■ **ACTION ITEM**: Where the records below reach the line containing "for name, p", start transcribing, and end with the line containing "for s, insert, char_height, width, attachment_point in [('THIS", exactly and with nothing else added.

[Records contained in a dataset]
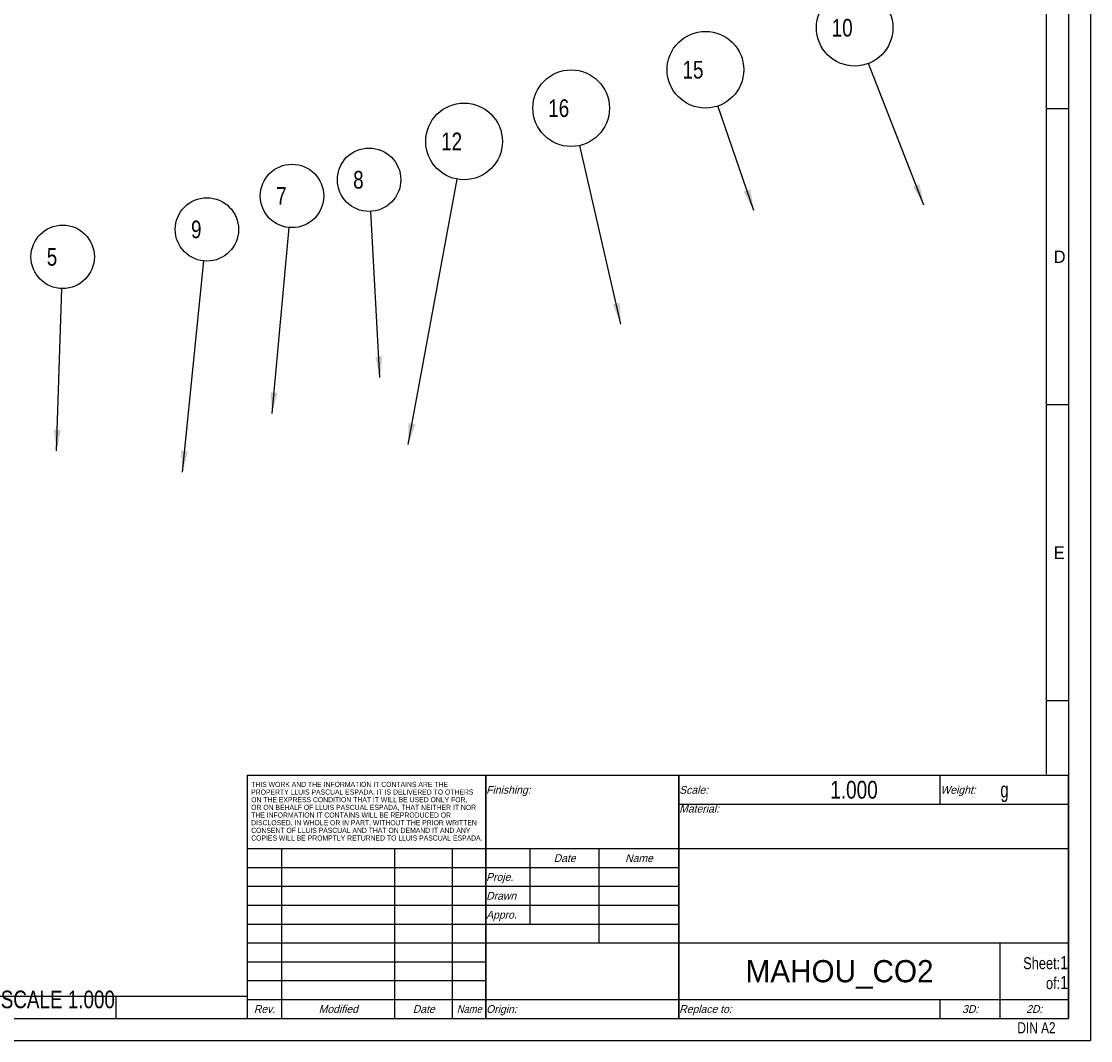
# Model space of a CAD drawing. Header units: inches. Extents: x 0 to 23.4, y 0 to 16.5.
# Tile 26 of 38: x 13.9 to 23.4, y 0 to 9. Entities that reach past the tile are written whole.
import ezdxf

# ---------------------------------------------------------------- set-up
doc = ezdxf.new("R2010")
doc.units = ezdxf.units.IN
doc.header["$LTSCALE"] = 1.28622
doc.header["$MEASUREMENT"] = 0
doc.layers.get('0').update_dxf_attribs({"linetype": 'CONTINUOUS'})
doc.layers.add('035__NOTES', color=7, linetype='CONTINUOUS')
doc.styles.get("Standard").update_dxf_attribs({"font": 'txt', "width": 0.8})
doc.styles.add('TEXTSTYLE_2', font='txt')
doc.styles.add('TEXTSTYLE_3', font='txt', dxfattribs={"width": 0.9})
doc.styles.add('TEXTSTYLE_4', font='txt', dxfattribs={"width": 0.7})
doc.dimstyles.get("Standard").update_dxf_attribs({"dimtxt": 0.15625, "dimasz": 0.1875, "dimexe": 0.125, "dimexo": 0.0625, "dimgap": 0.09, "dimtad": 0, "dimtih": 1, "dimtoh": 1, "dimzin": 4, "dimdsep": 46, "dimtxsty": 'STANDARD', "dimblk": '_FILLED', "dimblk1": '_FILLED', "dimblk2": '_FILLED', "dimcen": 0.09, "dimazin": 1, "dimtp": 0.01, "dimtm": 0.01, "dimtfac": 1, "dimtofl": 0, "dimtmove": 0, "dimatfit": 3, "dimldrblk": '_FILLED', "dimfxl": 1, "dimtolj": 1, "dimtzin": 4, "dimarcsym": 0})

# ---------------------------------------------------------------- blocks, each defined once
blk = doc.blocks.new('CAJETIN_BL0', base_point=(19.5473, 5.8465))
at = {"color": 7, "linetype": 'CONTINUOUS'}
for p, q in [((23.189, 11.4961), (23.189, 0.1969)), ((15.9053, 2.3528), (23.1888, 2.3528)), ((15.9053, 2.3528), (15.9053, 0.1969)), ((18.0217, 2.3528), (18.0217, 0.1969)), ((19.7343, 2.3529), (19.7343, 0.1969)), ((15.9056, 1.7027), (23.1891, 1.7027)), ((18.0224, 0.8662), (23.1893, 0.8662))]:
    blk.add_line(p, q, dxfattribs=at)
blk = doc.blocks.new('_FILLED')
at = {"color": 0, "linetype": 'BYBLOCK'}
blk.add_solid([(0, 0), (-1, 0.167), (-1, -0.167)], dxfattribs=at)
blk = doc.blocks.new('BALLOON_BL5', base_point=(14.2673, 6.9514))
at = {"color": 7, "linetype": 'CONTINUOUS'}
blk.add_circle((14.2673, 6.9514), 0.2812, dxfattribs=at)
at = {"color": 7, "linetype": 'CONTINUOUS', "insert": (14.0798, 7.0295), "char_height": 0.15625, "width": 0.375, "attachment_point": 1, "line_spacing_factor": 0.9}
blk.add_mtext(' 5 ', dxfattribs=at)
blk = doc.blocks.new('BALLOON_BL7', base_point=(16.3018, 7.4914))
at = {"color": 7, "linetype": 'CONTINUOUS'}
blk.add_circle((16.3018, 7.4914), 0.2812, dxfattribs=at)
at = {"color": 7, "linetype": 'CONTINUOUS', "insert": (16.1143, 7.5695), "char_height": 0.15625, "width": 0.375, "attachment_point": 1, "line_spacing_factor": 0.9}
blk.add_mtext(' 7 ', dxfattribs=at)
blk = doc.blocks.new('BALLOON_BL8', base_point=(16.9852, 7.635))
at = {"color": 7, "linetype": 'CONTINUOUS'}
blk.add_circle((16.9852, 7.635), 0.2812, dxfattribs=at)
at = {"color": 7, "linetype": 'CONTINUOUS', "insert": (16.7977, 7.7131), "char_height": 0.15625, "width": 0.375, "attachment_point": 1, "line_spacing_factor": 0.9}
blk.add_mtext(' 8 ', dxfattribs=at)
blk = doc.blocks.new('BALLOON_BL9', base_point=(15.5468, 7.1944))
at = {"color": 7, "linetype": 'CONTINUOUS'}
blk.add_circle((15.5468, 7.1944), 0.2812, dxfattribs=at)
at = {"color": 7, "linetype": 'CONTINUOUS', "insert": (15.3593, 7.2726), "char_height": 0.15625, "width": 0.375, "attachment_point": 1, "line_spacing_factor": 0.9}
blk.add_mtext(' 9 ', dxfattribs=at)
blk = doc.blocks.new('BALLOON_BL10', base_point=(17.828, 7.975))
at = {"color": 7, "linetype": 'CONTINUOUS'}
blk.add_circle((17.828, 7.975), 0.34, dxfattribs=at)
at = {"color": 7, "linetype": 'CONTINUOUS', "insert": (17.578, 8.0532), "char_height": 0.15625, "width": 0.5, "attachment_point": 1, "line_spacing_factor": 0.9}
blk.add_mtext(' 12 ', dxfattribs=at)
blk = doc.blocks.new('BALLOON_BL13', base_point=(19.9691, 8.6108))
at = {"color": 7, "linetype": 'CONTINUOUS'}
blk.add_circle((19.9691, 8.6108), 0.34, dxfattribs=at)
at = {"color": 7, "linetype": 'CONTINUOUS', "insert": (19.7191, 8.689), "char_height": 0.15625, "width": 0.5, "attachment_point": 1, "line_spacing_factor": 0.9}
blk.add_mtext(' 15 ', dxfattribs=at)
blk = doc.blocks.new('BALLOON_BL14', base_point=(18.7781, 8.2698))
at = {"color": 7, "linetype": 'CONTINUOUS'}
blk.add_circle((18.7781, 8.2698), 0.34, dxfattribs=at)
at = {"color": 7, "linetype": 'CONTINUOUS', "insert": (18.5281, 8.348), "char_height": 0.15625, "width": 0.5, "attachment_point": 1, "line_spacing_factor": 0.9}
blk.add_mtext(' 16 ', dxfattribs=at)
blk = doc.blocks.new('BALLOON_BL17', base_point=(21.2928, 8.9836))
at = {"layer": '035__NOTES', "color": 7, "linetype": 'CONTINUOUS'}
blk.add_circle((21.2928, 8.9836), 0.34, dxfattribs=at)
at = {"layer": '035__NOTES', "color": 7, "linetype": 'CONTINUOUS', "insert": (21.0428, 9.0617), "char_height": 0.15625, "width": 0.5, "attachment_point": 1, "line_spacing_factor": 0.9}
blk.add_mtext(' 10 ', dxfattribs=at)

msp = doc.modelspace()

# ---------------------------------------------------------------- linework, layer by layer
at = {"color": 7, "linetype": 'CONTINUOUS'}
for p, q in [((23.3858, 16.5354), (23.3858, 0)), ((23.189, 16.3386), (23.189, 0.1969)), ((22.9921, 16.1417), (22.9921, 2.3618)), ((22.9921, 8.2673), (23.189, 8.2673)), ((22.9921, 5.6425), (23.189, 5.6425)), ((22.9921, 3.0177), (23.189, 3.0177)), ((15.9054, 0.1975), (15.9054, 2.353)), ((15.9054, 2.353), (23.1889, 2.353)), ((18.0216, 0.1975), (18.0216, 2.353)), ((19.7342, 0.1975), (19.7342, 2.353)), ((22.0519, 2.0971), (22.0519, 2.353)), ((23.1889, 0.1975), (23.1889, 2.353)), ((19.7342, 2.0971), (23.1889, 2.0971)), ((15.9054, 1.7034), (23.1889, 1.7034)), ((16.2106, 0.1975), (16.2106, 1.7034)), ((17.2145, 0.1975), (17.2145, 1.7034)), ((17.7263, 0.1975), (17.7263, 1.7034)), ((18.4153, 1.0341), (18.4153, 1.7034)), ((19.0255, 0.8668), (19.0255, 1.7034)), ((15.9054, 1.5361), (19.7342, 1.5361)), ((15.9054, 1.3687), (19.7342, 1.3687)), ((15.9054, 1.2014), (19.7342, 1.2014)), ((15.9054, 1.0341), (19.7342, 1.0341)), ((15.9054, 0.8668), (23.1889, 0.8668)), ((22.5834, 0.1975), (22.5834, 0.8668)), ((15.9054, 0.6995), (18.0216, 0.6995)), ((15.9054, 0.5321), (18.0216, 0.5321)), ((0.9843, 0.3937), (15.9055, 0.3937)), ((14.7402, 0.3937), (14.7402, 0.1969)), ((15.9054, 0.3648), (23.1889, 0.3648)), ((22.0519, 0.1975), (22.0519, 0.3648)), ((0.7874, 0.1969), (23.189, 0.1969)), ((15.9054, 0.1975), (23.1889, 0.1975)), ((0, 0), (23.3858, 0))]:
    msp.add_line(p, q, dxfattribs=at)

# ---------------------------------------------------------------- block references
for name, p in [('CAJETIN_BL0', (19.5473, 5.8465)), ('BALLOON_BL13', (19.9691, 8.6108)), ('BALLOON_BL14', (18.7781, 8.2698)), ('BALLOON_BL10', (17.828, 7.975)), ('BALLOON_BL8', (16.9852, 7.635)), ('BALLOON_BL7', (16.3018, 7.4914)), ('BALLOON_BL9', (15.5468, 7.1944)), ('BALLOON_BL5', (14.2673, 6.9514))]:
    msp.add_blockref(name, p, dxfattribs=at)
at = {"layer": '035__NOTES', "color": 7, "linetype": 'CONTINUOUS'}
msp.add_blockref('BALLOON_BL17', (21.2928, 8.9836), dxfattribs=at)

# ---------------------------------------------------------------- texts
at = {"color": 7, "linetype": 'CONTINUOUS', "char_height": 0.1102, "width": 0.110236, "attachment_point": 1, "line_spacing_factor": 0.9, "style": 'TEXTSTYLE_2'}
for s, insert in [('D', (23.0574, 7.0075)), ('E', (23.0574, 4.3827))]:
    msp.add_mtext(s, dxfattribs=dict(at, insert=insert))
at = {"color": 7, "linetype": 'CONTINUOUS', "line_spacing_factor": 0.9}
for s, insert, char_height, width, attachment_point in [('THIS WORK AND THE INFORMATION IT CONTAINS ARE THE \\PPROPERTY LLUIS PASCUAL ESPADA. IT IS DELIVERED TO OTHERS \\PON THE EXPRESS CONDITION THAT IT WILL BE USED ONLY FOR, \\POR ON BEHALF OF LLUIS PASCUAL ESPADA, THAT NEITHER IT NOR \\PTHE INFORMATION IT CONTAINS WILL BE REPRODUCED OR \\PDISCLOSED, IN WHOLE OR IN PART, WITHOUT THE PRIOR WRITTEN \\PCONSENT OF LLUIS PASCUAL AND THAT ON DEMAND IT AND ANY \\PCOPIES WILL BE PROMPTLY RETURNED TO LLUIS PASCUAL ESPADA.', (15.9394, 2.295), 0.045276, 2.100787, 1), ('SCALE 1.000', (14.7307, 0.4435), 0.15625, 1.375, 3), ('DIN A2', (22.7361, 0.1632), 0.09843, 0.472441, 1)]:
    msp.add_mtext(s, dxfattribs=dict(at, insert=insert, char_height=char_height, width=width, attachment_point=attachment_point))
at = {"layer": '035__NOTES', "color": 7, "linetype": 'CONTINUOUS', "line_spacing_factor": 0.9}
for s, insert, char_height, width, attachment_point in [('1.000', (21.2867, 2.3038), 0.15748, 0.629921, 2), ('Sheet:\\H0.1181102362;1\\P\\H0.1062992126; of:\\H0.1181102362;1', (23.1864, 0.7516), 0.106299, 0.604724, 3)]:
    msp.add_mtext(s, dxfattribs=dict(at, insert=insert, char_height=char_height, width=width, attachment_point=attachment_point))
for s, insert, char_height, width, attachment_point, style in [('\\Q15.0;Finishing:', (18.024, 2.2583), 0.068898, 1.033465, 1, 'TEXTSTYLE_2'), ('\\Q15.0;Scale:', (19.7366, 2.2583), 0.068898, 0.620079, 1, 'TEXTSTYLE_2'), ('\\Q15.0;Weight:', (22.0544, 2.2583), 0.068898, 0.723425, 1, 'TEXTSTYLE_2'), ('g', (22.5859, 2.2939), 0.1378, 0.096457, 1, 'TEXTSTYLE_4'), ('\\Q15.0;Material:', (19.7366, 2.0916), 0.068898, 0.930118, 1, 'TEXTSTYLE_2'), ('\\Q15.0;Date', (18.7204, 1.653), 0.068898, 0.413386, 2, 'TEXTSTYLE_2'), ('\\Q15.0;Name', (19.3798, 1.653), 0.068898, 0.413386, 2, 'TEXTSTYLE_2'), ('\\Q15.0;Proje.', (18.024, 1.4856), 0.068898, 0.620079, 1, 'TEXTSTYLE_2'), ('\\Q15.0;Drawn', (18.024, 1.3183), 0.068898, 0.516732, 1, 'TEXTSTYLE_2'), ('\\Q15.0;Appro.', (18.024, 1.151), 0.068898, 0.620079, 1, 'TEXTSTYLE_2'), ('MAHOU_CO2', (21.1588, 0.7142), 0.19685, 1.771654, 2, 'TEXTSTYLE_2'), ('\\Q15.0;Rev.', (16.058, 0.3144), 0.068898, 0.413386, 2, 'TEXTSTYLE_2'), ('\\Q15.0;Modified', (16.7125, 0.3144), 0.068898, 0.826772, 2, 'TEXTSTYLE_2'), ('\\Q15.0;Date', (17.4704, 0.3144), 0.068898, 0.413386, 2, 'TEXTSTYLE_2'), ('\\Q15.0;Name', (17.8739, 0.3144), 0.068898, 0.372047, 2, 'TEXTSTYLE_3'), ('\\Q15.0;Origin: ', (18.024, 0.3144), 0.068898, 0.826772, 1, 'TEXTSTYLE_2'), ('\\Q15.0;Replace to:', (19.7366, 0.3144), 0.068898, 1.136811, 1, 'TEXTSTYLE_2'), ('\\Q15.0;3D: ', (22.3176, 0.3144), 0.068898, 0.413386, 2, 'TEXTSTYLE_2'), ('\\Q15.0;2D: ', (22.8861, 0.3144), 0.068898, 0.413386, 2, 'TEXTSTYLE_2')]:
    msp.add_mtext(s, dxfattribs=dict(at, insert=insert, char_height=char_height, width=width, attachment_point=attachment_point, style=style))

# ---------------------------------------------------------------- leaders
at = {"color": 7, "linetype": 'CONTINUOUS'}
for points in [[(20.3984, 7.3629), (20.0797, 8.2893)], [(19.22, 6.3532), (18.8545, 7.9385)], [(17.332, 5.2869), (17.7663, 7.6406)], [(17.0821, 5.8805), (17.0007, 7.3541)], [(16.1245, 5.5618), (16.276, 7.2113)], [(15.3292, 5.0423), (15.5185, 6.9146)], [(14.2135, 5.2295), (14.2585, 6.6703)]]:
    msp.add_leader(points, dimstyle='STANDARD', override={"dimtad": 0}, dxfattribs=at)
at = {"layer": '035__NOTES', "color": 7, "linetype": 'CONTINUOUS'}
msp.add_leader([(21.9063, 7.4105), (21.4163, 8.6668)], dimstyle='STANDARD', override={"dimtad": 0}, dxfattribs=at)

doc.saveas('drawing.dxf')

■ **EXERCISE ANSWER**:
for name, p in [('CAJETIN_BL0', (19.5473, 5.8465)), ('BALLOON_BL13', (19.9691, 8.6108)), ('BALLOON_BL14', (18.7781, 8.2698)), ('BALLOON_BL10', (17.828, 7.975)), ('BALLOON_BL8', (16.9852, 7.635)), ('BALLOON_BL7', (16.3018, 7.4914)), ('BALLOON_BL9', (15.5468, 7.1944)), ('BALLOON_BL5', (14.2673, 6.9514))]:
    msp.add_blockref(name, p, dxfattribs=at)
at = {"layer": '035__NOTES', "color": 7, "linetype": 'CONTINUOUS'}
msp.add_blockref('BALLOON_BL17', (21.2928, 8.9836), dxfattribs=at)

# ---------------------------------------------------------------- texts
at = {"color": 7, "linetype": 'CONTINUOUS', "char_height": 0.1102, "width": 0.110236, "attachment_point": 1, "line_spacing_factor": 0.9, "style": 'TEXTSTYLE_2'}
for s, insert in [('D', (23.0574, 7.0075)), ('E', (23.0574, 4.3827))]:
    msp.add_mtext(s, dxfattribs=dict(at, insert=insert))
at = {"color": 7, "linetype": 'CONTINUOUS', "line_spacing_factor": 0.9}
for s, insert, char_height, width, attachment_point in [('THIS WORK AND THE INFORMATION IT CONTAINS ARE THE \\PPROPERTY LLUIS PASCUAL ESPADA. IT IS DELIVERED TO OTHERS \\PON THE EXPRESS CONDITION THAT IT WILL BE USED ONLY FOR, \\POR ON BEHALF OF LLUIS PASCUAL ESPADA, THAT NEITHER IT NOR \\PTHE INFORMATION IT CONTAINS WILL BE REPRODUCED OR \\PDISCLOSED, IN WHOLE OR IN PART, WITHOUT THE PRIOR WRITTEN \\PCONSENT OF LLUIS PASCUAL AND THAT ON DEMAND IT AND ANY \\PCOPIES WILL BE PROMPTLY RETURNED TO LLUIS PASCUAL ESPADA.', (15.9394, 2.295), 0.045276, 2.100787, 1), ('SCALE 1.000', (14.7307, 0.4435), 0.15625, 1.375, 3), ('DIN A2', (22.7361, 0.1632), 0.09843, 0.472441, 1)]:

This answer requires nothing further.